DURING the Clarets pre-season trip to the Isle of Man last July, Stan Ternent told me he had three targets for the coming season.
First and foremost he wanted the club to maintain its First Division status in the wake of the financial crisis created by the collapse of ITV Digital.
With that in mind his other two aims were to break with the club's recent failures and enjoy long and financially beneficial runs in both the FA and the Worthington Cups.
The Burnley boss achieved all three of his stated goals. The club comfortably stayed up and reached the last 16 of the Worthington Cup and the last eight of the FA Cup, the best runs for two decades.
But his ruthless axing of so many key players at the end of the season, and his determination to rebuild a new team for the next campaign, shows that he is under no illusions about the fact that the team performed too badly, too often.
When they suffered a nightmare 6-5 Hallowe'en defeat at Grimsby I remember thinking I had never seen a game like it and I never expected I would see another one. How wrong I was.
There was a series of results to bring any manager out in a cold sweat, let alone someone like Ternent who has built his reputation on building sides with solid defences, a master at claiming a 1-0 win.
It is hard to know if any one game convinced Ternent that major surgery was needed to make his side a top 10 contender again.
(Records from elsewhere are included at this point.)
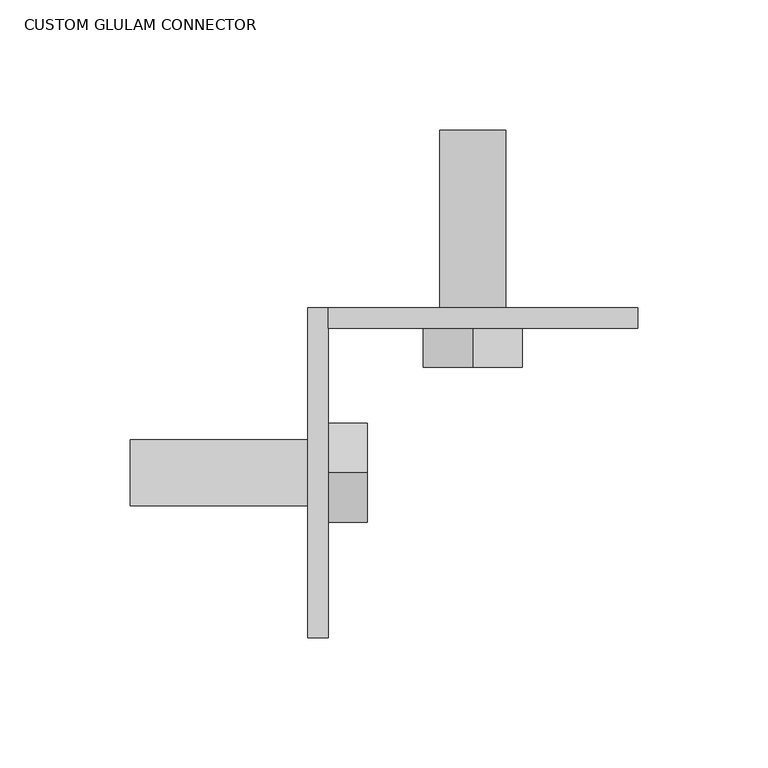
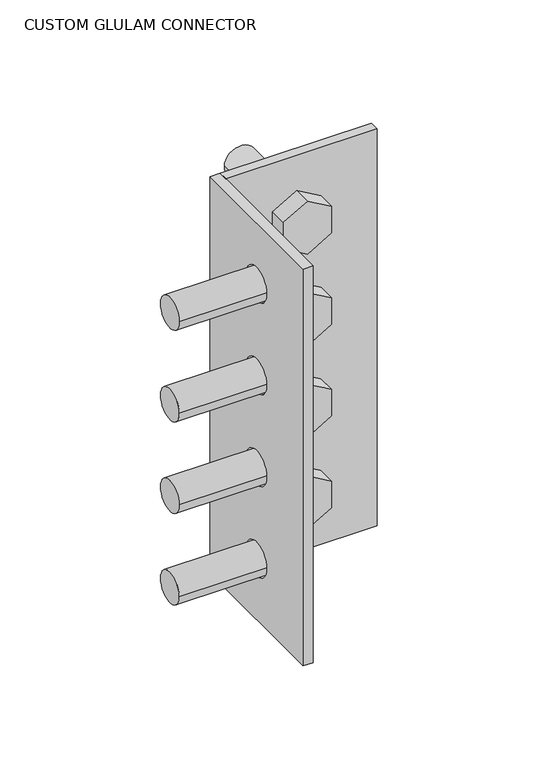
"""IFC4 building model written with IfcOpenShell, lengths in millimetres: fastener geometry, CUSTOM GLULAM CONNECTOR."""

import ifcopenshell
import ifcopenshell.guid

model = None  # the IFC model being written
_history = None  # IfcOwnerHistory: only IFC2X3 demands one
_inside = {}  # id of a spatial element -> (the spatial element, [elements in it])
_under = {}  # id of a project, library or spatial element -> (it, [spatial elements below it])
_declared = {}  # id of a project -> (the project, [libraries it declares])
_typed = {}  # id of a type object -> (the type object, [elements of that type])
_made_of = {}  # id of a material, layer set ... -> (it, [elements and type objects made of it])


def new_model(schema):
    """Start an empty IFC model of exactly this schema.

    Asked for "IFC4X3", IfcOpenShell would pick the latest addendum, in which some entities
    have other attributes; the version numbers below select the first issue.
    IFC2X3 requires an IfcOwnerHistory on every rooted entity: one is made here for all.
    """
    global model, _history
    if schema == "IFC4X3":
        model = ifcopenshell.file(schema_version=(4, 3, 0, 0))
    else:
        model = ifcopenshell.file(schema=schema)
    _inside.clear()
    _under.clear()
    _declared.clear()
    _typed.clear()
    _made_of.clear()
    _history = None
    if model.schema == "IFC2X3":
        org = make("IfcOrganization", Name="unknown")
        user = make(
            "IfcPersonAndOrganization",
            ThePerson=make("IfcPerson", FamilyName="unknown"),
            TheOrganization=org,
        )
        app = make(
            "IfcApplication",
            ApplicationDeveloper=org,
            Version="unknown",
            ApplicationFullName="unknown",
            ApplicationIdentifier="unknown",
        )
        _history = make(
            "IfcOwnerHistory",
            OwningUser=user,
            OwningApplication=app,
            ChangeAction="ADDED",
            CreationDate=0,
        )
    return model


def make(cls, **values):
    """One entity of the class cls with the attributes given. An attribute that is None is left unset."""
    return model.create_entity(
        cls, **{name: value for name, value in values.items() if value is not None}
    )


def rooted(cls, **values):
    """An entity with a GlobalId (a new one), such as an element, a storey or a relation."""
    return make(cls, GlobalId=ifcopenshell.guid.new(), OwnerHistory=_history, **values)


def si_unit(unit_type, name, prefix=None):
    """IfcSIUnit, for example si_unit("LENGTHUNIT", "METRE", prefix="MILLI")."""
    return make("IfcSIUnit", UnitType=unit_type, Prefix=prefix, Name=name)


def assignment(units):
    """IfcUnitAssignment: the units of a project."""
    return None if units is None else make("IfcUnitAssignment", Units=units)


def point(xyz):
    """IfcCartesianPoint."""
    return None if xyz is None else make("IfcCartesianPoint", Coordinates=xyz)


def direction(xyz):
    """IfcDirection."""
    return None if xyz is None else make("IfcDirection", DirectionRatios=xyz)


def frame(location, z_axis=None, x_axis=None):
    """IfcAxis2Placement3D, a coordinate frame: its origin and axes. An axis left out is left unset."""
    return make(
        "IfcAxis2Placement3D",
        Location=point(location),
        Axis=direction(z_axis),
        RefDirection=direction(x_axis),
    )


def frame_2d(location, x_axis=None):
    """IfcAxis2Placement2D, a coordinate frame in the plane: its origin and x axis."""
    return make(
        "IfcAxis2Placement2D", Location=point(location), RefDirection=direction(x_axis)
    )


def origin():
    """The frame at (0, 0, 0) with its axes left unset."""
    return frame((0.0, 0.0, 0.0))


def place(relative_to, where):
    """IfcLocalPlacement: puts the frame where relative to a parent placement (None: the world)."""
    return make(
        "IfcLocalPlacement", PlacementRelTo=relative_to, RelativePlacement=where
    )


def context(
    kind, dimensions, precision=None, world=None, true_north=None, identifier=None
):
    """IfcGeometricRepresentationContext, for example the 3D "Model" context."""
    return make(
        "IfcGeometricRepresentationContext",
        ContextIdentifier=identifier,
        ContextType=kind,
        CoordinateSpaceDimension=dimensions,
        Precision=precision,
        WorldCoordinateSystem=world,
        TrueNorth=true_north,
    )


def project(units=None, contexts=None):
    """IfcProject with its units and contexts."""
    return rooted(
        "IfcProject",
        Name="project",
        RepresentationContexts=contexts,
        UnitsInContext=assignment(units),
    )


def spatial(cls, under=None, at=None, **own):
    """A site, building, storey or space (cls), placed at a placement, below another one or the project."""
    s = rooted(cls, ObjectPlacement=at, **own)
    if under is not None:
        _under.setdefault(under.id(), (under, []))[1].append(s)
    return s


def polyline(points):
    """IfcPolyline through the points."""
    return make("IfcPolyline", Points=[point(p) for p in points])


def circle_curve(where, radius):
    """IfcCircle in the frame where."""
    return make("IfcCircle", Position=where, Radius=radius)


def trimmed(basis, trim1, trim2, sense, master):
    """IfcTrimmedCurve: the piece of a basis curve between two trims."""
    return make(
        "IfcTrimmedCurve",
        BasisCurve=basis,
        Trim1=trim1,
        Trim2=trim2,
        SenseAgreement=sense,
        MasterRepresentation=master,
    )


def segment(curve, same_sense, transition):
    """IfcCompositeCurveSegment."""
    return make(
        "IfcCompositeCurveSegment",
        Transition=transition,
        SameSense=same_sense,
        ParentCurve=curve,
    )


def composite_curve(segments, self_intersect=None):
    """IfcCompositeCurve: segments joined end to end."""
    return make("IfcCompositeCurve", Segments=segments, SelfIntersect=self_intersect)


def outline(outer, holes=None, kind="AREA"):
    """IfcArbitraryClosedProfileDef: a profile drawn as a closed curve; with holes, ...WithVoids."""
    if holes is None:
        return make("IfcArbitraryClosedProfileDef", ProfileType=kind, OuterCurve=outer)
    return make(
        "IfcArbitraryProfileDefWithVoids",
        ProfileType=kind,
        OuterCurve=outer,
        InnerCurves=holes,
    )


def extrude(swept, where, along, depth):
    """IfcExtrudedAreaSolid: the profile swept, set in the frame where, extruded along a direction by depth."""
    return make(
        "IfcExtrudedAreaSolid",
        SweptArea=swept,
        Position=where,
        ExtrudedDirection=direction(along),
        Depth=depth,
    )


def shape(context_of_items, identifier, shape_type, items):
    """IfcShapeRepresentation: the items that make up one representation, for example the "Body"."""
    return make(
        "IfcShapeRepresentation",
        ContextOfItems=context_of_items,
        RepresentationIdentifier=identifier,
        RepresentationType=shape_type,
        Items=items,
    )


def source(mapping_origin, context_of_items, identifier, shape_type, items):
    """IfcRepresentationMap: a shape defined once, which mapped items show again and again."""
    return make(
        "IfcRepresentationMap",
        MappingOrigin=mapping_origin,
        MappedRepresentation=shape(context_of_items, identifier, shape_type, items),
    )


def transform(
    local_origin,
    x_axis=None,
    y_axis=None,
    z_axis=None,
    scale=None,
    scale2=None,
    scale3=None,
    uniform=True,
):
    """IfcCartesianTransformationOperator3D, or its non-uniform kind. x_axis, y_axis, z_axis: its Axis1, 2, 3."""
    if uniform:
        return make(
            "IfcCartesianTransformationOperator3D",
            Axis1=direction(x_axis),
            Axis2=direction(y_axis),
            LocalOrigin=point(local_origin),
            Scale=scale,
            Axis3=direction(z_axis),
        )
    return make(
        "IfcCartesianTransformationOperator3DnonUniform",
        Axis1=direction(x_axis),
        Axis2=direction(y_axis),
        LocalOrigin=point(local_origin),
        Scale=scale,
        Axis3=direction(z_axis),
        Scale2=scale2,
        Scale3=scale3,
    )


def mapped(mapping_source, mapping_target):
    """IfcMappedItem: shows the shape of a source again, moved by a transform."""
    return make(
        "IfcMappedItem", MappingSource=mapping_source, MappingTarget=mapping_target
    )


def made_of(thing, what):
    """Note that an element or type object is made of a material, layer set ...; save() writes the relation."""
    if what is not None:
        _made_of.setdefault(what.id(), (what, []))[1].append(thing)
    return thing


def element(
    cls,
    number,
    at=None,
    inside=None,
    cuts=None,
    type_object=None,
    material=None,
    context=None,
    identifier="Body",
    shape_type=None,
    held_by="IfcProductDefinitionShape",
    body=None,
    shapes=None,
    **own,
):
    """One element of the class cls, such as IfcWall. Its Tag is "e" and its number.

    at: its placement. inside: the storey or other place that contains it. cuts: it is an
    opening in that element (IfcRelVoidsElement). A single representation is given by context,
    identifier, shape_type and body (its items); several are given by shapes. held_by: the class
    of the entity that holds the representations. save() writes the other relations.
    """
    e = rooted(cls, Tag="e%d" % number, ObjectPlacement=at, **own)
    if body is not None:
        shapes = [shape(context, identifier, shape_type, body)]
    if shapes is not None:
        e.Representation = make(held_by, Representations=shapes)
    if inside is not None:
        _inside.setdefault(inside.id(), (inside, []))[1].append(e)
    if cuts is not None:
        rooted(
            "IfcRelVoidsElement", RelatingBuildingElement=cuts, RelatedOpeningElement=e
        )
    if type_object is not None:
        _typed.setdefault(type_object.id(), (type_object, []))[1].append(e)
    return made_of(e, material)


def aggregate(whole, parts):
    """IfcRelAggregates: a whole, such as a stair, and the parts it consists of."""
    return rooted("IfcRelAggregates", RelatingObject=whole, RelatedObjects=parts)


def save(model, path):
    """Write the relations noted so far, then the file.

    IfcRelAggregates (storeys below a building ...), IfcRelContainedInSpatialStructure (elements
    in a storey), IfcRelDefinesByType, IfcRelAssociatesMaterial and IfcRelDeclares: one each for
    every whole, place, type object, material and project.
    """
    for whole, parts in _under.values():
        aggregate(whole, parts)
    for where, things in _inside.values():
        rooted(
            "IfcRelContainedInSpatialStructure",
            RelatedElements=things,
            RelatingStructure=where,
        )
    for kind, things in _typed.values():
        rooted("IfcRelDefinesByType", RelatedObjects=things, RelatingType=kind)
    for what, things in _made_of.values():
        rooted("IfcRelAssociatesMaterial", RelatedObjects=things, RelatingMaterial=what)
    for by, libraries in _declared.values():
        rooted("IfcRelDeclares", RelatingContext=by, RelatedDefinitions=libraries)
    model.write(path)


def plane_surface(at):
    """IfcPlane: the flat surface through the origin of the frame at, square to its z axis."""
    return make("IfcPlane", Position=at)


def revolved_surface(curve, axis_point, axis_direction):
    """IfcSurfaceOfRevolution: the curve turned about the line through axis_point along axis_direction."""
    return make(
        "IfcSurfaceOfRevolution",
        SweptCurve=make("IfcArbitraryOpenProfileDef", ProfileType="CURVE", Curve=curve),
        AxisPosition=make("IfcAxis1Placement", Location=point(axis_point), Axis=direction(axis_direction)),
    )


def advanced_brep(points, edges, surfaces, faces):
    """IfcAdvancedBrep: a solid bounded by faces that lie on surfaces and meet in shared edges.

    An edge is (start, end): straight between two places in points (the first is 0);
    or (start, end, curve); or (start, end, curve, False) where it runs against its curve.
    A face is (place in surfaces, loops), or (place, loops, False) where it looks against
    its surface's normal. A loop lists edges by number (the first is 1), with a minus sign
    where the edge is run from its end to its start. The first loop is the outer one.
    """
    corners = [point(p) for p in points]
    vertices = [make("IfcVertexPoint", VertexGeometry=c) for c in corners]
    made = []
    for start, end, *more in edges:
        made.append(
            make(
                "IfcEdgeCurve",
                EdgeStart=vertices[start],
                EdgeEnd=vertices[end],
                EdgeGeometry=more[0] if more else make("IfcPolyline", Points=[corners[start], corners[end]]),
                SameSense=more[1] if len(more) > 1 else True,
            )
        )
    hull = []
    for where, loops, *sense in faces:
        bounds = []
        for j, loop in enumerate(loops):
            ring = [make("IfcOrientedEdge", EdgeElement=made[abs(k) - 1], Orientation=k > 0) for k in loop]
            bounds.append(
                make(
                    "IfcFaceOuterBound" if j == 0 else "IfcFaceBound",
                    Bound=make("IfcEdgeLoop", EdgeList=ring),
                    Orientation=True,
                )
            )
        hull.append(make("IfcAdvancedFace", Bounds=bounds, FaceSurface=surfaces[where], SameSense=sense[0] if sense else True))
    return make("IfcAdvancedBrep", Outer=make("IfcClosedShell", CfsFaces=hull))


def custom_glulam_connector_0c2b97b1(model_context):
    return source(origin(), model_context, "Body", "SolidModel", [
        extrude(outline(polyline([(719.1375, 214.3125), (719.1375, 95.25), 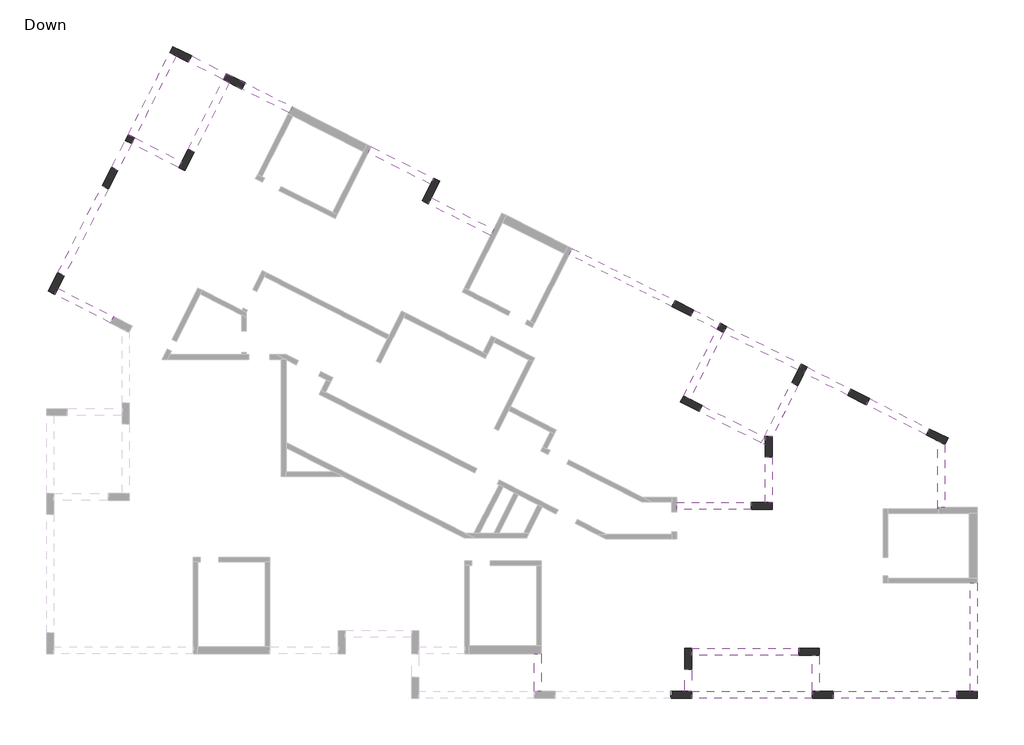
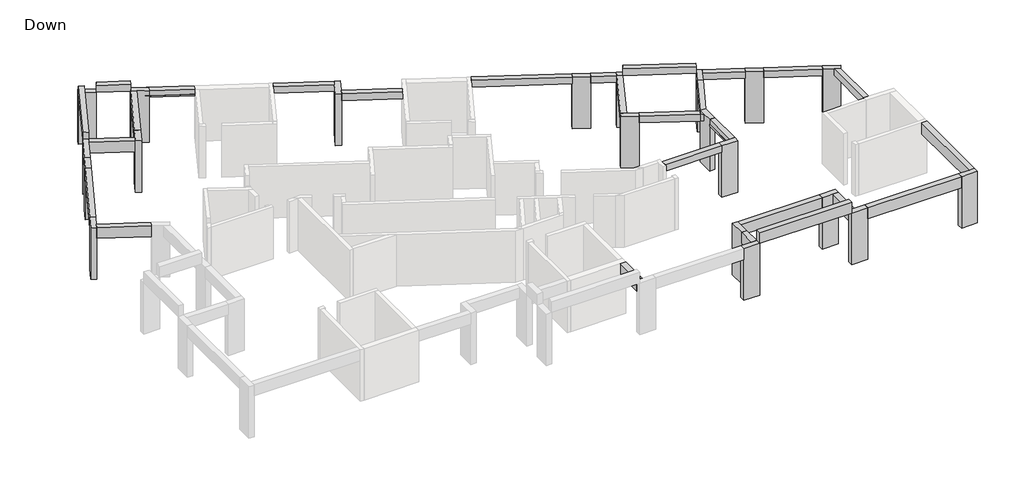
# One storey, part 3 of 3: 28 beams, 20 columns.
"""IFC4 building model written with IfcOpenShell, lengths in millimetres."""

import ifcopenshell
import ifcopenshell.guid

model = None  # the IFC model being written
_history = None  # IfcOwnerHistory: only IFC2X3 demands one
_inside = {}  # id of a spatial element -> (the spatial element, [elements in it])
_under = {}  # id of a project, library or spatial element -> (it, [spatial elements below it])
_declared = {}  # id of a project -> (the project, [libraries it declares])
_typed = {}  # id of a type object -> (the type object, [elements of that type])
_made_of = {}  # id of a material, layer set ... -> (it, [elements and type objects made of it])


def new_model(schema):
    """Start an empty IFC model of exactly this schema.

    Asked for "IFC4X3", IfcOpenShell would pick the latest addendum, in which some entities
    have other attributes; the version numbers below select the first issue.
    IFC2X3 requires an IfcOwnerHistory on every rooted entity: one is made here for all.
    """
    global model, _history
    if schema == "IFC4X3":
        model = ifcopenshell.file(schema_version=(4, 3, 0, 0))
    else:
        model = ifcopenshell.file(schema=schema)
    _inside.clear()
    _under.clear()
    _declared.clear()
    _typed.clear()
    _made_of.clear()
    _history = None
    if model.schema == "IFC2X3":
        org = make("IfcOrganization", Name="unknown")
        user = make(
            "IfcPersonAndOrganization",
            ThePerson=make("IfcPerson", FamilyName="unknown"),
            TheOrganization=org,
        )
        app = make(
            "IfcApplication",
            ApplicationDeveloper=org,
            Version="unknown",
            ApplicationFullName="unknown",
            ApplicationIdentifier="unknown",
        )
        _history = make(
            "IfcOwnerHistory",
            OwningUser=user,
            OwningApplication=app,
            ChangeAction="ADDED",
            CreationDate=0,
        )
    return model


def make(cls, **values):
    """One entity of the class cls with the attributes given. An attribute that is None is left unset."""
    return model.create_entity(
        cls, **{name: value for name, value in values.items() if value is not None}
    )


def rooted(cls, **values):
    """An entity with a GlobalId (a new one), such as an element, a storey or a relation."""
    return make(cls, GlobalId=ifcopenshell.guid.new(), OwnerHistory=_history, **values)


def si_unit(unit_type, name, prefix=None):
    """IfcSIUnit, for example si_unit("LENGTHUNIT", "METRE", prefix="MILLI")."""
    return make("IfcSIUnit", UnitType=unit_type, Prefix=prefix, Name=name)


def assignment(units):
    """IfcUnitAssignment: the units of a project."""
    return None if units is None else make("IfcUnitAssignment", Units=units)


def point(xyz):
    """IfcCartesianPoint."""
    return None if xyz is None else make("IfcCartesianPoint", Coordinates=xyz)


def direction(xyz):
    """IfcDirection."""
    return None if xyz is None else make("IfcDirection", DirectionRatios=xyz)


def frame(location, z_axis=None, x_axis=None):
    """IfcAxis2Placement3D, a coordinate frame: its origin and axes. An axis left out is left unset."""
    return make(
        "IfcAxis2Placement3D",
        Location=point(location),
        Axis=direction(z_axis),
        RefDirection=direction(x_axis),
    )


def origin():
    """The frame at (0, 0, 0) with its axes left unset."""
    return frame((0.0, 0.0, 0.0))


def origin_with_axes():
    """The frame at (0, 0, 0) with the z axis (0, 0, 1) and the x axis (1, 0, 0) written out."""
    return frame((0.0, 0.0, 0.0), z_axis=(0.0, 0.0, 1.0), x_axis=(1.0, 0.0, 0.0))


def place(relative_to, where):
    """IfcLocalPlacement: puts the frame where relative to a parent placement (None: the world)."""
    return make(
        "IfcLocalPlacement", PlacementRelTo=relative_to, RelativePlacement=where
    )


def context(
    kind, dimensions, precision=None, world=None, true_north=None, identifier=None
):
    """IfcGeometricRepresentationContext, for example the 3D "Model" context."""
    return make(
        "IfcGeometricRepresentationContext",
        ContextIdentifier=identifier,
        ContextType=kind,
        CoordinateSpaceDimension=dimensions,
        Precision=precision,
        WorldCoordinateSystem=world,
        TrueNorth=true_north,
    )


def project(units=None, contexts=None):
    """IfcProject with its units and contexts."""
    return rooted(
        "IfcProject",
        Name="project",
        RepresentationContexts=contexts,
        UnitsInContext=assignment(units),
    )


def spatial(cls, under=None, at=None, **own):
    """A site, building, storey or space (cls), placed at a placement, below another one or the project."""
    s = rooted(cls, ObjectPlacement=at, **own)
    if under is not None:
        _under.setdefault(under.id(), (under, []))[1].append(s)
    return s


def polyline(points):
    """IfcPolyline through the points."""
    return make("IfcPolyline", Points=[point(p) for p in points])


def outline(outer, holes=None, kind="AREA"):
    """IfcArbitraryClosedProfileDef: a profile drawn as a closed curve; with holes, ...WithVoids."""
    if holes is None:
        return make("IfcArbitraryClosedProfileDef", ProfileType=kind, OuterCurve=outer)
    return make(
        "IfcArbitraryProfileDefWithVoids",
        ProfileType=kind,
        OuterCurve=outer,
        InnerCurves=holes,
    )


def extrude(swept, where, along, depth):
    """IfcExtrudedAreaSolid: the profile swept, set in the frame where, extruded along a direction by depth."""
    return make(
        "IfcExtrudedAreaSolid",
        SweptArea=swept,
        Position=where,
        ExtrudedDirection=direction(along),
        Depth=depth,
    )


def faces_of(points, faces, orient=None, outer=None):
    """IfcFace entities. A face is a list of loops; a loop is a list of indices into points, from 0.

    orient and outer hold one flag for each loop. By default every Orientation is true, the
    first loop of a face is its IfcFaceOuterBound and the others are IfcFaceBound.
    """
    made = []
    for i, loops in enumerate(faces):
        bounds = []
        for j, loop in enumerate(loops):
            is_outer = j == 0 if outer is None else outer[i][j]
            bounds.append(
                make(
                    "IfcFaceOuterBound" if is_outer else "IfcFaceBound",
                    Bound=make("IfcPolyLoop", Polygon=[points[k] for k in loop]),
                    Orientation=True if orient is None else orient[i][j],
                )
            )
        made.append(make("IfcFace", Bounds=bounds))
    return made


def faceted_brep(points, faces, orient=None, outer=None, voids=None):
    """IfcFacetedBrep: a solid bounded by flat faces; with voids (closed shells), ...WithVoids."""
    shared = [point(p) for p in points]
    hull = make("IfcClosedShell", CfsFaces=faces_of(shared, faces, orient, outer))
    if voids is None:
        return make("IfcFacetedBrep", Outer=hull)
    return make(
        "IfcFacetedBrepWithVoids",
        Outer=hull,
        Voids=[
            make(cls, CfsFaces=faces_of(shared, fs, o, b)) for cls, fs, o, b in voids
        ],
    )


def shape(context_of_items, identifier, shape_type, items):
    """IfcShapeRepresentation: the items that make up one representation, for example the "Body"."""
    return make(
        "IfcShapeRepresentation",
        ContextOfItems=context_of_items,
        RepresentationIdentifier=identifier,
        RepresentationType=shape_type,
        Items=items,
    )


def made_of(thing, what):
    """Note that an element or type object is made of a material, layer set ...; save() writes the relation."""
    if what is not None:
        _made_of.setdefault(what.id(), (what, []))[1].append(thing)
    return thing


def element(
    cls,
    number,
    at=None,
    inside=None,
    cuts=None,
    type_object=None,
    material=None,
    context=None,
    identifier="Body",
    shape_type=None,
    held_by="IfcProductDefinitionShape",
    body=None,
    shapes=None,
    **own,
):
    """One element of the class cls, such as IfcWall. Its Tag is "e" and its number.

    at: its placement. inside: the storey or other place that contains it. cuts: it is an
    opening in that element (IfcRelVoidsElement). A single representation is given by context,
    identifier, shape_type and body (its items); several are given by shapes. held_by: the class
    of the entity that holds the representations. save() writes the other relations.
    """
    e = rooted(cls, Tag="e%d" % number, ObjectPlacement=at, **own)
    if body is not None:
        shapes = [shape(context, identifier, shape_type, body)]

It may have been the accumulated affect of having to walk into post match press conferences and explain the unexplainable.
What was not in doubt after that last home game against the Owls was that when the Clarets next emerged from the tunnel at Turf Moor it would be a very different side that the fans would be cheering.
Ternent has no room for sentiment in the brave new world of football, a world with more players than money to pay them.
Now new leaders must come forward. Gareth Taylor has established himself as the best target man in the first division, Graham Branch deserves his new deal because of a consistently good season, Drissa Diallo looks like an exceptional find while Ian Moore is one of the most willing runners around.
Then in the closing weeks of the season came the encouraging debuts for youngsters Matty O'Neill and Richard Chaplow.
Then you have got Glen Little and Robbie Blake. Burnley's best football of the season came when these two were firing in tandem, most notably on that memorable night against Spurs.
Ternent has a massive task ahead of him this summer, and putting a team together to compete at the top end of the table next season could be his toughest yet.